Use `gemini-2.5-flash-image` with `responseModalities: ["IMAGE", "TEXT"]` in generationConfig. The response includes `inlineData` with the image as base64 PNG.

Response parts:
- Text part: `{ "text": "Here is your image" }`
- Image part: `{ "inlineData": { "mimeType": "image/png", "data": "<base64>" } }`

To save the image, decode the base64 `data` field.

## Streaming

Streaming is supported. Use the `streamGenerateContent` action instead of `generateContent`.

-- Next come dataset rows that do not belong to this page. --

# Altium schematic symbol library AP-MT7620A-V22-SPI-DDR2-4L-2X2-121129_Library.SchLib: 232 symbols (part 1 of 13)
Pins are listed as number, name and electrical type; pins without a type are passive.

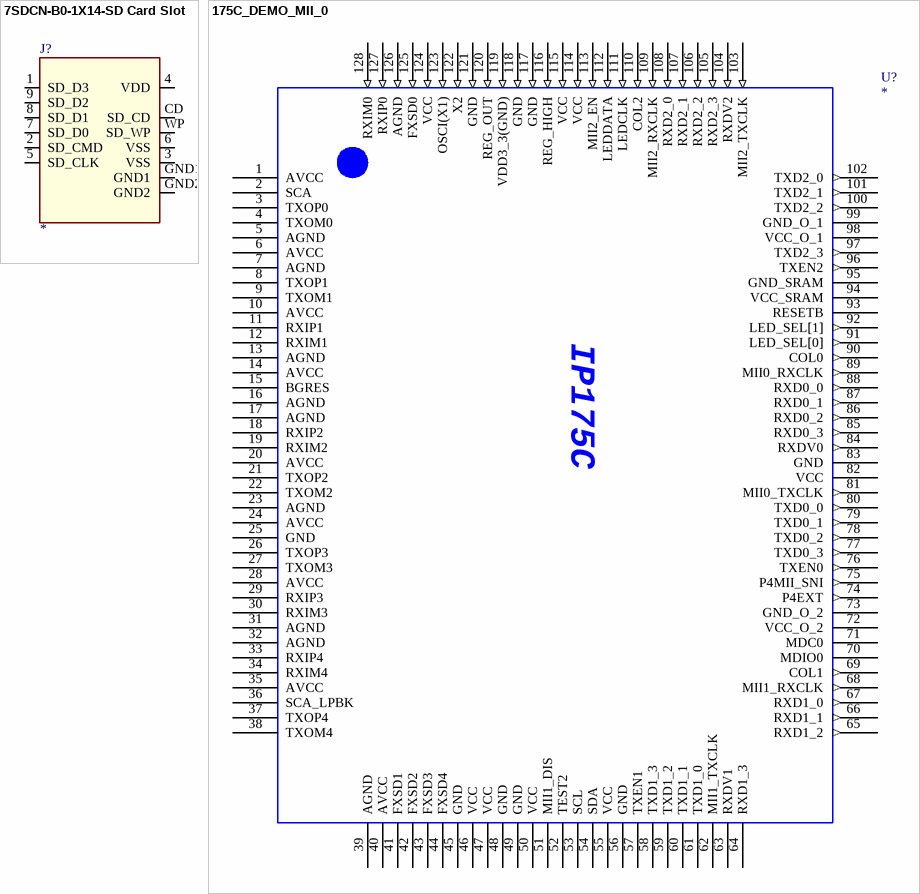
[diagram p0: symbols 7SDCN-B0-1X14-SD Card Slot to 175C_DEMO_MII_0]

## 7SDCN-B0-1X14-SD Card Slot
designator J?
footprint CON10P/SMD/R/F/7SDCN-B0-1X14
pins: 1 SD_D3, 2 SD_CMD, 3 VSS, 4 VDD, 5 SD_CLK, 6 VSS, 7 SD_D0, 8 SD_D1, 9 SD_D2, CD SD_CD, GND1, GND2, WP SD_WP

## 175C_DEMO_MII_0
designator U?
pins: 1 AVCC, 2 SCA, 3 TXOP0, 4 TXOM0, 5 AGND, 6 AVCC, 7 AGND, 8 TXOP1, 9 TXOM1, 10 AVCC, 11 RXIP1, 12 RXIM1, 13 AGND, 14 AVCC, 15 BGRES, 16 AGND, 17 AGND, 18 RXIP2, 19 RXIM2, 20 AVCC, 21 TXOP2, 22 TXOM2, 23 AGND, 24 AVCC, 25 GND, 26 TXOP3, 27 TXOM3, 28 AVCC, 29 RXIP3, 30 RXIM3, 31 AGND, 32 AGND, 33 RXIP4, 34 RXIM4, 35 AVCC, 36 SCA_LPBK, 37 TXOP4, 38 TXOM4, 39 AGND, 40 AVCC, 41 FXSD1, 42 FXSD2, 43 FXSD3, 44 FXSD4, 45 GND, 46 VCC, 47 VCC, 48 GND, 49 GND, 50 VCC, 51 MII1_DIS, 52 TEST2, 53 SCL, 54 SDA, 55 VCC, 56 GND, 57 TXEN1, 58 TXD1_3, 59 TXD1_2, 60 TXD1_1, 61 TXD1_0, 62 MII1_TXCLK, 63 RXDV1, 64 RXD1_3, 65 RXD1_2 (out), 66 RXD1_1 (out), 67 RXD1_0 (out), 68 MII1_RXCLK (out), 69 COL1 (out), 70 MDIO0, 71 MDC0, 72 VCC_O_2 (power), 73 GND_O_2, 74 P4EXT (out), 75 P4MII_SNI (out), 76 TXEN0 (out), 77 TXD0_3 (out), 78 TXD0_2 (out), 79 TXD0_1 (out), 80 TXD0_0 (out), 81 MII0_TXCLK (out), 82 VCC, 83 GND (power), 84 RXDV0 (out), 85 RXD0_3 (out), 86 RXD0_2 (out), 87 RXD0_1 (out), 88 RXD0_0 (out), 89 MII0_RXCLK (out), 90 COL0 (out), 91 LED_SEL[0] (out), 92 LED_SEL[1] (out), 93 RESETB, 94 VCC_SRAM, 95 GND_SRAM, 96 TXEN2 (out), 97 TXD2_3 (out), 98 VCC_O_1 (power), 99 GND_O_1, 100 TXD2_2 (out), 101 TXD2_1 (out), 102 TXD2_0 (out), 103 MII2_TXCLK (in), 104 RXDV2 (in), 105 RXD2_3 (in), 106 RXD2_2 (in), 107 RXD2_1 (in), 108 RXD2_0 (in), 109 MII2_RXCLK (in), 110 COL2 (in), 111 LEDCLK (in), 112 LEDDATA (in), 113 MII2_EN (in), 114 VCC (in), 115 VCC (in), 116 REG_HIGH (in), 117 GND (in), 118 GND (in), 119 VDD3_3(GND) (in), 120 REG_OUT (in), 121 GND (in), 122 X2 (in), 123 OSCI(X1) (in), 124 VCC (in), 125 FXSD0 (in), 126 AGND (in), 127 RXIP0 (in), 128 RXIM0 (in)

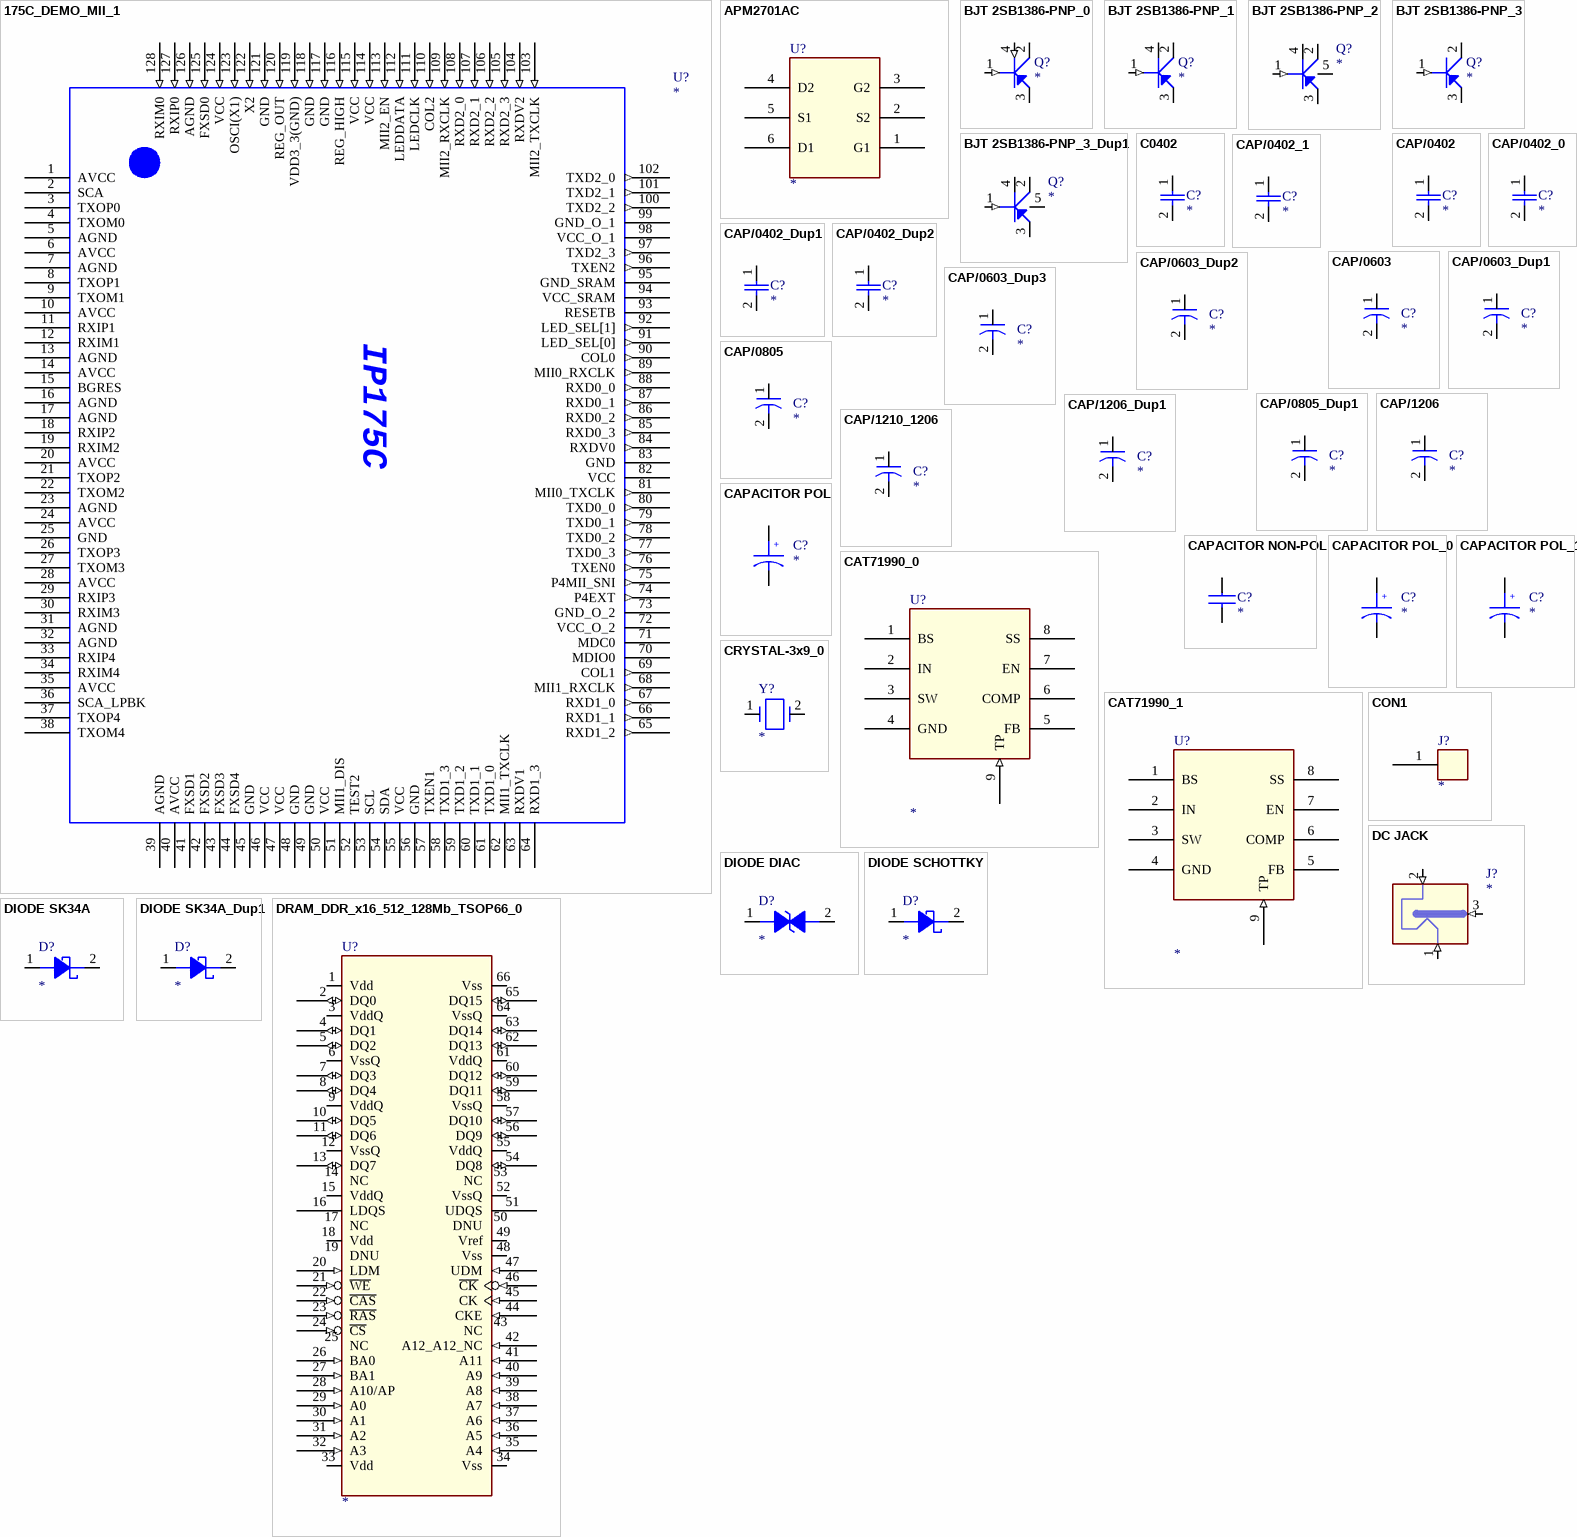
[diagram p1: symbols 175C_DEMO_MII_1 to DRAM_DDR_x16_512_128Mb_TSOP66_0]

## 175C_DEMO_MII_1
designator U?
pins: 1 AVCC, 2 SCA, 3 TXOP0, 4 TXOM0, 5 AGND, 6 AVCC, 7 AGND, 8 TXOP1, 9 TXOM1, 10 AVCC, 11 RXIP1, 12 RXIM1, 13 AGND, 14 AVCC, 15 BGRES, 16 AGND, 17 AGND, 18 RXIP2, 19 RXIM2, 20 AVCC, 21 TXOP2, 22 TXOM2, 23 AGND, 24 AVCC, 25 GND, 26 TXOP3, 27 TXOM3, 28 AVCC, 29 RXIP3, 30 RXIM3, 31 AGND, 32 AGND, 33 RXIP4, 34 RXIM4, 35 AVCC, 36 SCA_LPBK, 37 TXOP4, 38 TXOM4, 39 AGND, 40 AVCC, 41 FXSD1, 42 FXSD2, 43 FXSD3, 44 FXSD4, 45 GND, 46 VCC, 47 VCC, 48 GND, 49 GND, 50 VCC, 51 MII1_DIS, 52 TEST2, 53 SCL, 54 SDA, 55 VCC, 56 GND, 57 TXEN1, 58 TXD1_3, 59 TXD1_2, 60 TXD1_1, 61 TXD1_0, 62 MII1_TXCLK, 63 RXDV1, 64 RXD1_3, 65 RXD1_2 (out), 66 RXD1_1 (out), 67 RXD1_0 (out), 68 MII1_RXCLK (out), 69 COL1 (out), 70 MDIO0, 71 MDC0, 72 VCC_O_2 (power), 73 GND_O_2, 74 P4EXT (out), 75 P4MII_SNI (out), 76 TXEN0 (out), 77 TXD0_3 (out), 78 TXD0_2 (out), 79 TXD0_1 (out), 80 TXD0_0 (out), 81 MII0_TXCLK (out), 82 VCC, 83 GND (power), 84 RXDV0 (out), 85 RXD0_3 (out), 86 RXD0_2 (out), 87 RXD0_1 (out), 88 RXD0_0 (out), 89 MII0_RXCLK (out), 90 COL0 (out), 91 LED_SEL[0] (out), 92 LED_SEL[1] (out), 93 RESETB, 94 VCC_SRAM, 95 GND_SRAM, 96 TXEN2 (out), 97 TXD2_3 (out), 98 VCC_O_1 (power), 99 GND_O_1, 100 TXD2_2 (out), 101 TXD2_1 (out), 102 TXD2_0 (out), 103 MII2_TXCLK (in), 104 RXDV2 (in), 105 RXD2_3 (in), 106 RXD2_2 (in), 107 RXD2_1 (in), 108 RXD2_0 (in), 109 MII2_RXCLK (in), 110 COL2 (in), 111 LEDCLK (in), 112 LEDDATA (in), 113 MII2_EN (in), 114 VCC (in), 115 VCC (in), 116 REG_HIGH (in), 117 GND (in), 118 GND (in), 119 VDD3_3(GND) (in), 120 REG_OUT (in), 121 GND (in), 122 X2 (in), 123 OSCI(X1) (in), 124 VCC (in), 125 FXSD0 (in), 126 AGND (in), 127 RXIP0 (in), 128 RXIM0 (in)

## APM2701AC
designator U?
pins: 1 G1, 2 S2, 3 G2, 4 D2, 5 S1, 6 D1

## BJT 2SB1386-PNP_0
designator Q?
footprint SOT-89
pins: 1 BASE (in), 2 COLLECTOR (io), 3 EMITTER (io), 4 COLLECTOR (in)

## BJT 2SB1386-PNP_1
designator Q?
footprint SOT-89
pins: 1 BASE (in), 2 COLLECTOR (io), 3 EMITTER (io), 4 COLLECTOR (io)

## BJT 2SB1386-PNP_2
designator Q?
footprint SOT-89
pins: 1 BASE (in), 2 COLLECTOR (io), 3 EMITTER (io), 4 COLLECTOR (io), 5 COLLECTOR (io)

## BJT 2SB1386-PNP_3
designator Q?
footprint SOT-89
pins: 1 BASE (in), 2 COLLECTOR (io), 3 EMITTER (io)

## BJT 2SB1386-PNP_3_Dup1
designator Q?
footprint SOT-89
pins: 1 BASE (in), 2 COLLECTOR (power), 3 EMITTER (io), 4 COLLECTOR, 5 COLLECTOR

## C0402
designator C?
footprint C0402
pins: 1, 2

## CAP/0402
designator C?
footprint 0402
pins: 1 (io), 2 (io)

## CAP/0402_0
designator C?
footprint 0402
pins: 1, 2

## CAP/0402_1
designator C?
footprint 0402
pins: 1, 2

## CAP/0402_Dup1
designator C?
footprint 0402
pins: 1 (io), 2 (io)

## CAP/0402_Dup2
designator C?
footprint 0402
pins: 1, 2

## CAP/0603
designator C?
footprint 0603
pins: 1, 2

## CAP/0603_Dup1
designator C?
footprint 0603
pins: 1, 2

## CAP/0603_Dup2
designator C?
footprint 0603
pins: 1, 2

## CAP/0603_Dup3
designator C?
footprint 0603
pins: 1, 2

## CAP/0805
designator C?
footprint 0805
pins: 1, 2

## CAP/0805_Dup1
designator C?
footprint 0805
pins: 1, 2

## CAP/1206
designator C?
footprint 1206
pins: 1, 2

## CAP/1206_Dup1
designator C?
footprint 1206
pins: 1, 2

## CAP/1210_1206
designator C?
footprint 1210/1206
pins: 1, 2

## CAPACITOR NON-POL
designator C?
pins: 1, 2

## CAPACITOR POL
designator C?
pins: 1, 2

## CAPACITOR POL_0
designator C?
footprint CAP-1106-DIP
pins: 1, 2

## CAPACITOR POL_1
designator C?
footprint CAP-1106-DIP
pins: 1, 2

## CAT71990_0
designator U?
footprint SOP8
pins: 1 BS, 2 IN, 3 SW, 4 GND, 5 FB, 6 COMP, 7 EN, 8 SS, 9 TP (in)

## CAT71990_1
designator U?
footprint SOP8
pins: 1 BS, 2 IN, 3 SW, 4 GND, 5 FB, 6 COMP, 7 EN, 8 SS, 9 TP (in)

## CON1
designator J?
pins: 1

## CRYSTAL-3x9_0
designator Y?
footprint XTAL-DIP-3X9
pins: 1, 2

## DC JACK
designator J?
footprint DC-JACK
pins: 1 (in), 2 (in), 3 (in)

## DIODE DIAC
designator D?
pins: 1, 2

## DIODE SCHOTTKY
designator D?
footprint DO-214AB
pins: 1 ANODE, 2 CATHODE

## DIODE SK34A
designator D?
footprint DO-214AC
pins: 1 ANODE, 2 CATHODE

## DIODE SK34A_Dup1
designator D?
footprint DO-214AC
pins: 1 ANODE, 2 CATHODE

## DRAM_DDR_x16_512_128Mb_TSOP66_0
designator U?
footprint SOP66/11.8/0.65
pins: 1 Vdd (power), 2 DQ0 (io), 3 VddQ (power), 4 DQ1 (io), 5 DQ2 (io), 6 VssQ (power), 7 DQ3 (io), 8 DQ4 (io), 9 VddQ (power), 10 DQ5 (io), 11 DQ6 (io), 12 VssQ (power), 13 DQ7 (io), 14 NC, 15 VddQ (power), 16 LDQS, 17 NC, 18 Vdd (power), 19 DNU, 20 LDM (in), 21 ~{WE} (in), 22 ~{CAS} (in), 23 ~{RAS} (in), 24 ~{CS} (in), 25 NC, 26 BA0 (in), 27 BA1 (in), 28 A10/AP (in), 29 A0 (in), 30 A1 (in), 31 A2 (in), 32 A3 (in), 33 Vdd (power), 34 Vss (power), 35 A4 (in), 36 A5 (in), 37 A6 (in), 38 A7 (in), 39 A8 (in), 40 A9 (in), 41 A11 (in), 42 A12_A12_NC (in), 43 NC, 44 CKE (in), 45 CK (in), 46 ~{CK} (in), 47 UDM (in), 48 Vss (power), 49 Vref (power), 50 DNU, 51 UDQS, 52 VssQ (power), 53 NC, 54 DQ8 (io), 55 VddQ (power), 56 DQ9 (io), 57 DQ10 (io), 58 VssQ (power), 59 DQ11 (io), 60 DQ12 (io), 61 VddQ (power), 62 DQ13 (io), 63 DQ14 (io), 64 VssQ (power), 65 DQ15 (io), 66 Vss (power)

- **Raw passthrough (default):** the proxy preserves the upstream response as-is. If you want Google SSE frames specifically, pass `?alt=sse`.
- **Normalized Cohesivity mode:** append `?coh_stream=normalized` to receive canonical SSE frames. Cohesivity automatically forces `alt=sse` upstream in this mode. Frame types:
  - `data: {"delta":"text chunk"}` — a text chunk from the model
  - `data: {"error":"error message"}` — an error from the model (rate limit, safety filter, etc.)
  - `data: {"done":true}` — stream complete (always the last frame)

## Response Format

The response is deeply nested. Extract the text from: `response.candidates[0].content.parts[0].text`

## JSON Output

To get reliable JSON from Gemini, set `generationConfig.responseMimeType: "application/json"` in the request body. Without this, Gemini wraps JSON in markdown code blocks.

## Token Budget

WARNING: Set `maxOutputTokens` to at least 1500 even for short responses. Gemini 2.5 models use internal "thinking" tokens (300-1000) that are deducted from this budget before any output is generated. A configured limit of 200 may produce only a few words.

Scaling guide: 1500 for simple responses, 3000-5000 for structured JSON (lists, objects), 6000-10000 for large outputs (multi-day itineraries, detailed reports). Truncated responses still show `finishReason: STOP` with no indication of truncation.